Dans le Vorarlberg, où les conservateurs de l'ÖVP sont au pouvoir, les deux partis d'extrême droite, après une campagne anti-minarets, ont réussi une forte progression, avec un total de 28,87% des voix (13% en 2006). Jakob s'interroge: «Je ne sais pas comment j'aurais voté. Nous, ici, n'avons pas de problèmes avec les étrangers. Nous remarquons simplement que les pauvres deviennent de plus en plus pauvres.»

Un micro-trottoir révèle une frustration latente qui aboutit souvent à la question de l'immigration. «Les médias insistent sur la montée de l'extrême droite. Or, nous avons voulu dire stop à la coalition au pouvoir (ndlr: conservateurs et sociaux-démocrates). Depuis deux ans, rien ne se fait, les abus sociaux ne sont pas punis», s'enflamme Nicole Hosp, 26 ans, membre du FPÖ depuis qu'elle a entendu Jörg Haider il y a dix ans. «Car il s'est assis à la table du peuple avec un discours clair.» A l'heure du café, cette secrétaire explique, très enthousiaste, que les relations avec les étrangers sont le principal problème, qu'il faut leur apprendre à respecter les coutumes autrichiennes et que son parti «n'a rien de nazi malgré tout ce que l'on fait croire».

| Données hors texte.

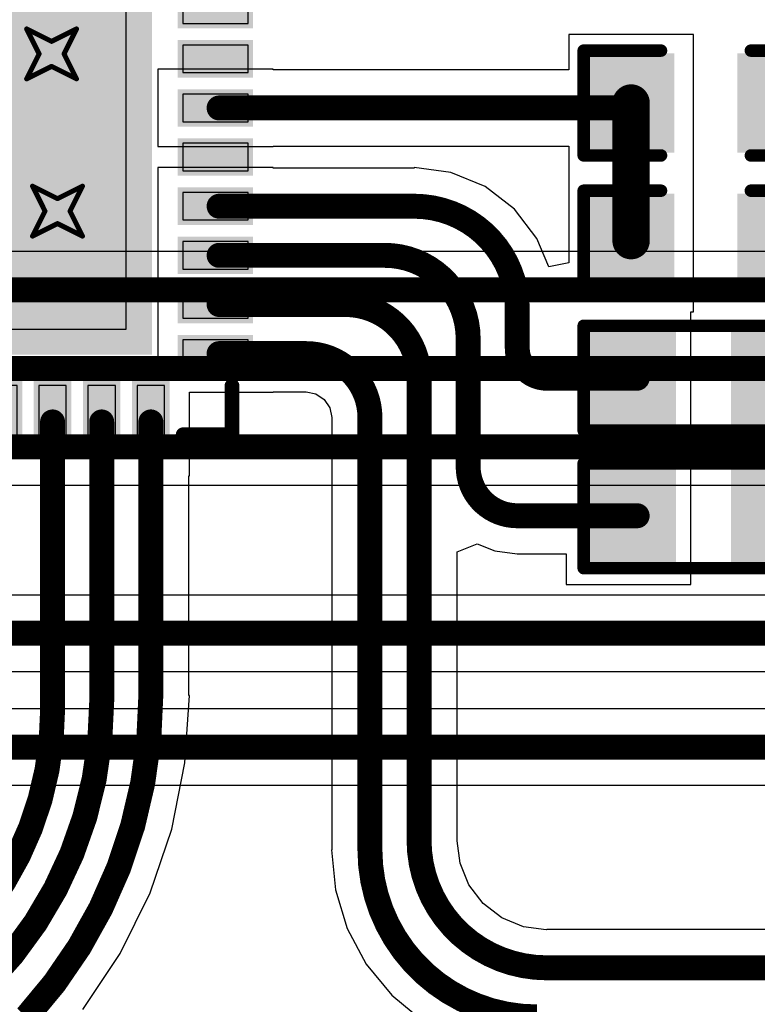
# Model space of a CAD drawing. Header units: inches. Extents: x -0.03 to 9.71, y 0 to 4.44.
# Tile 81 of 118: x 2.2 to 2.5, y 1.52 to 1.92. Entities that reach past the tile are written whole.
import ezdxf

# ---------------------------------------------------------------- set-up
doc = ezdxf.new("R2010")
doc.units = ezdxf.units.IN
doc.header["$MEASUREMENT"] = 0
for name, color, linetype in [('Bottom Layer', 5, 'Continuous'), ('Drill Drawing', 1, 'Continuous'), ('Layer 1', 16, 'Continuous'), ('Layer 2', 76, 'Continuous'), ('Top Layer', 1, 'Continuous'), ('Top Overlay', 2, 'Continuous'), ('Top Paste', 8, 'Continuous'), ('Top Solder', 216, 'Continuous'), ('Via Holes', 16, 'Continuous')]:
    doc.layers.add(name, color=color, linetype=linetype)

# ---------------------------------------------------------------- blocks, each defined once
blk = doc.blocks.new('40_LFCSP_WQ__6_6__5')
at = {"layer": 'Top Layer'}
for points in [[(-0.08307, 0.12756), (-0.08307, 0.10138), (-0.09409, 0.10138), (-0.09409, 0.12756)], [(-0.06339, 0.12756), (-0.06339, 0.10138), (-0.07441, 0.10138), (-0.07441, 0.12756)], [(-0.0437, 0.12756), (-0.0437, 0.10138), (-0.05472, 0.10138), (-0.05472, 0.12756)], [(-0.02402, 0.12756), (-0.02402, 0.10138), (-0.03504, 0.10138), (-0.03504, 0.12756)], [(-0.00433, 0.12756), (-0.00433, 0.10138), (-0.01535, 0.10138), (-0.01535, 0.12756)], [(0.01535, 0.12756), (0.01535, 0.10138), (0.00433, 0.10138), (0.00433, 0.12756)], [(0.03504, 0.12756), (0.03504, 0.10138), (0.02402, 0.10138), (0.02402, 0.12756)], [(0.05472, 0.12756), (0.05472, 0.10138), (0.0437, 0.10138), (0.0437, 0.12756)], [(0.07441, 0.12756), (0.07441, 0.10138), (0.06339, 0.10138), (0.06339, 0.12756)], [(0.09409, 0.12756), (0.09409, 0.10138), (0.08307, 0.10138), (0.08307, 0.12756)], [(-0.10138, 0.09409), (-0.10138, 0.08307), (-0.12756, 0.08307), (-0.12756, 0.09409)], [(0.12756, 0.09409), (0.12756, 0.08307), (0.10138, 0.08307), (0.10138, 0.09409)], [(0.08701, 0.08701), (0.08701, -0.08701), (-0.08701, -0.08701), (-0.08701, 0.08701)], [(-0.10138, 0.07441), (-0.10138, 0.06339), (-0.12756, 0.06339), (-0.12756, 0.07441)], [(0.12756, 0.07441), (0.12756, 0.06339), (0.10138, 0.06339), (0.10138, 0.07441)], [(-0.10138, 0.05472), (-0.10138, 0.0437), (-0.12756, 0.0437), (-0.12756, 0.05472)], [(0.12756, 0.05472), (0.12756, 0.0437), (0.10138, 0.0437), (0.10138, 0.05472)], [(-0.10138, 0.03504), (-0.10138, 0.02402), (-0.12756, 0.02402), (-0.12756, 0.03504)], [(0.12756, 0.03504), (0.12756, 0.02402), (0.10138, 0.02402), (0.10138, 0.03504)], [(-0.10138, 0.01535), (-0.10138, 0.00433), (-0.12756, 0.00433), (-0.12756, 0.01535)], [(0.12756, 0.01535), (0.12756, 0.00433), (0.10138, 0.00433), (0.10138, 0.01535)], [(-0.10138, -0.00433), (-0.10138, -0.01535), (-0.12756, -0.01535), (-0.12756, -0.00433)], [(0.12756, -0.00433), (0.12756, -0.01535), (0.10138, -0.01535), (0.10138, -0.00433)], [(-0.10138, -0.02402), (-0.10138, -0.03504), (-0.12756, -0.03504), (-0.12756, -0.02402)], [(0.12756, -0.02402), (0.12756, -0.03504), (0.10138, -0.03504), (0.10138, -0.02402)], [(-0.10138, -0.0437), (-0.10138, -0.05472), (-0.12756, -0.05472), (-0.12756, -0.0437)], [(0.12756, -0.0437), (0.12756, -0.05472), (0.10138, -0.05472), (0.10138, -0.0437)], [(-0.10138, -0.06339), (-0.10138, -0.07441), (-0.12756, -0.07441), (-0.12756, -0.06339)], [(0.12756, -0.06339), (0.12756, -0.07441), (0.10138, -0.07441), (0.10138, -0.06339)], [(-0.10138, -0.08307), (-0.10138, -0.09409), (-0.12756, -0.09409), (-0.12756, -0.08307)], [(0.12756, -0.08307), (0.12756, -0.09409), (0.10138, -0.09409), (0.10138, -0.08307)], [(-0.08307, -0.10138), (-0.08307, -0.12756), (-0.09409, -0.12756), (-0.09409, -0.10138)], [(-0.06339, -0.10138), (-0.06339, -0.12756), (-0.07441, -0.12756), (-0.07441, -0.10138)], [(-0.0437, -0.10138), (-0.0437, -0.12756), (-0.05472, -0.12756), (-0.05472, -0.10138)], [(-0.02402, -0.10138), (-0.02402, -0.12756), (-0.03504, -0.12756), (-0.03504, -0.10138)], [(-0.00433, -0.10138), (-0.00433, -0.12756), (-0.01535, -0.12756), (-0.01535, -0.10138)], [(0.01535, -0.10138), (0.01535, -0.12756), (0.00433, -0.12756), (0.00433, -0.10138)], [(0.03504, -0.10138), (0.03504, -0.12756), (0.02402, -0.12756), (0.02402, -0.10138)], [(0.05472, -0.10138), (0.05472, -0.12756), (0.0437, -0.12756), (0.0437, -0.10138)], [(0.07441, -0.10138), (0.07441, -0.12756), (0.06339, -0.12756), (0.06339, -0.10138)], [(0.09409, -0.10138), (0.09409, -0.12756), (0.08307, -0.12756), (0.08307, -0.10138)]]:
    blk.add_hatch(color=1, dxfattribs=at).paths.add_polyline_path(points)
at = {"layer": 'Top Solder'}
for points in [[(-0.08107, 0.12956), (-0.08107, 0.09938), (-0.09609, 0.09938), (-0.09609, 0.12956)], [(-0.06139, 0.12956), (-0.06139, 0.09938), (-0.07641, 0.09938), (-0.07641, 0.12956)], [(-0.0417, 0.12956), (-0.0417, 0.09938), (-0.05672, 0.09938), (-0.05672, 0.12956)], [(-0.02202, 0.12956), (-0.02202, 0.09938), (-0.03704, 0.09938), (-0.03704, 0.12956)], [(-0.00233, 0.12956), (-0.00233, 0.09938), (-0.01735, 0.09938), (-0.01735, 0.12956)], [(0.01735, 0.12956), (0.01735, 0.09938), (0.00233, 0.09938), (0.00233, 0.12956)], [(0.03704, 0.12956), (0.03704, 0.09938), (0.02202, 0.09938), (0.02202, 0.12956)], [(0.05672, 0.12956), (0.05672, 0.09938), (0.0417, 0.09938), (0.0417, 0.12956)], [(0.07641, 0.12956), (0.07641, 0.09938), (0.06139, 0.09938), (0.06139, 0.12956)], [(0.09609, 0.12956), (0.09609, 0.09938), (0.08107, 0.09938), (0.08107, 0.12956)], [(-0.09938, 0.09609), (-0.09938, 0.08107), (-0.12956, 0.08107), (-0.12956, 0.09609)], [(0.12956, 0.09609), (0.12956, 0.08107), (0.09938, 0.08107), (0.09938, 0.09609)], [(0.08901, 0.08901), (0.08901, -0.08901), (-0.08901, -0.08901), (-0.08901, 0.08901)], [(-0.09938, 0.07641), (-0.09938, 0.06139), (-0.12956, 0.06139), (-0.12956, 0.07641)], [(0.12956, 0.07641), (0.12956, 0.06139), (0.09938, 0.06139), (0.09938, 0.07641)], [(-0.09938, 0.05672), (-0.09938, 0.0417), (-0.12956, 0.0417), (-0.12956, 0.05672)], [(0.12956, 0.05672), (0.12956, 0.0417), (0.09938, 0.0417), (0.09938, 0.05672)], [(-0.09938, 0.03704), (-0.09938, 0.02202), (-0.12956, 0.02202), (-0.12956, 0.03704)], [(0.12956, 0.03704), (0.12956, 0.02202), (0.09938, 0.02202), (0.09938, 0.03704)], [(-0.09938, 0.01735), (-0.09938, 0.00233), (-0.12956, 0.00233), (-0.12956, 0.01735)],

Dans cette région économiquement forte et géographiquement aux antipodes de Vienne, l'indépendance est un trait de caractère et de fierté. Même les partis de droite sont plus «libéraux», note un journaliste des Vorarlberger Nachrichten. Alors, vote de protestation contre une paralysie gouvernementale ou percée vigoureuse des extrêmes? Le lever du bras droit est-il une caractéristique autrichienne lorsque le médecin vérifie ses réflexes en tapotant sur son genou, comme le suggère ironiquement un dessinateur de presse? Les rapports de l'Autriche avec l'extrême droite remuent à nouveau les esprits. La célébration en mythe du leader populiste Jörg Haider, déjà comparé à Lady Di ou John Kennedy, vient s'y greffer.

A l'ouest du pays, le charisme du politicien de Carinthie a moins convaincu, et la majorité s'entend pour dire que le BZÖ, créé après le schisme en 2005, est promis à la disparition. Son frère ennemi et ancien parti FPÖ, dirigé par le fringant Heinz-Christian Strache, très proche de l'électorat jeune et connu dans les discothèques de Vienne, pourrait récupérer des voix.

La population s'habitue à un discours d'extrême droite qui ne choque plus même du côté des jeunes, observe, très pessimiste, le chef des Verts du Vorarlberg, Johannes Rauch. Durant la campagne, des thèmes qui leur sont proches, comme le prix du permis de conduire ou la préservation de places d'apprentissage, ont peu mobilisé. En revanche, les slogans accrocheurs des extrêmes ont convaincu. «C'est aussi aux partis de s'interroger sur la manière de communiquer avec les jeunes. Le vote à 16 ans ne doit pas être remis en question.»

Dans la classe de Dornbirn, Tamer, né en Autriche mais de famille turque, illustre à sa manière cette polarisation: «J'aurais voté pour les écolos. Ce sont les seuls qui prennent la défense des étrangers. Et les seuls que je connais avec le FPÖ.» Dans le district de la plus grande ville du Vorarlberg, la communauté étrangère représente 23% de la population. Beaucoup sont venus durant l'âge d'or de l'industrie textile, d'abord sans intention de s'installer. Les problèmes d'intégration concernent la génération suivante, analyse Wolfgang Macho, le directeur de l'école. Il n'était pas prévu qu'elle vive en Autriche et son insertion ne s'est jamais faite. «Cette génération parle mal allemand et mal turc, mais répète que les habitants du Vorarlberg rejettent les étrangers. Et cela agace surtout quand des partis alimentent les aigreurs.»

Dans ce coin de pays à l'étroit entre ses montagnes, les élections régionales de 2009 auront le mérite de l'attractivité, après la déconfiture des partis majoritaires cet automne. Pour cette échéance, le FPÖ s'est arrogé les services d'un bureau de communication suisse: celui qui a assuré la campagne fédérale de l'UDC en automne 2007 et qui a marqué les esprits. Avec des moutons.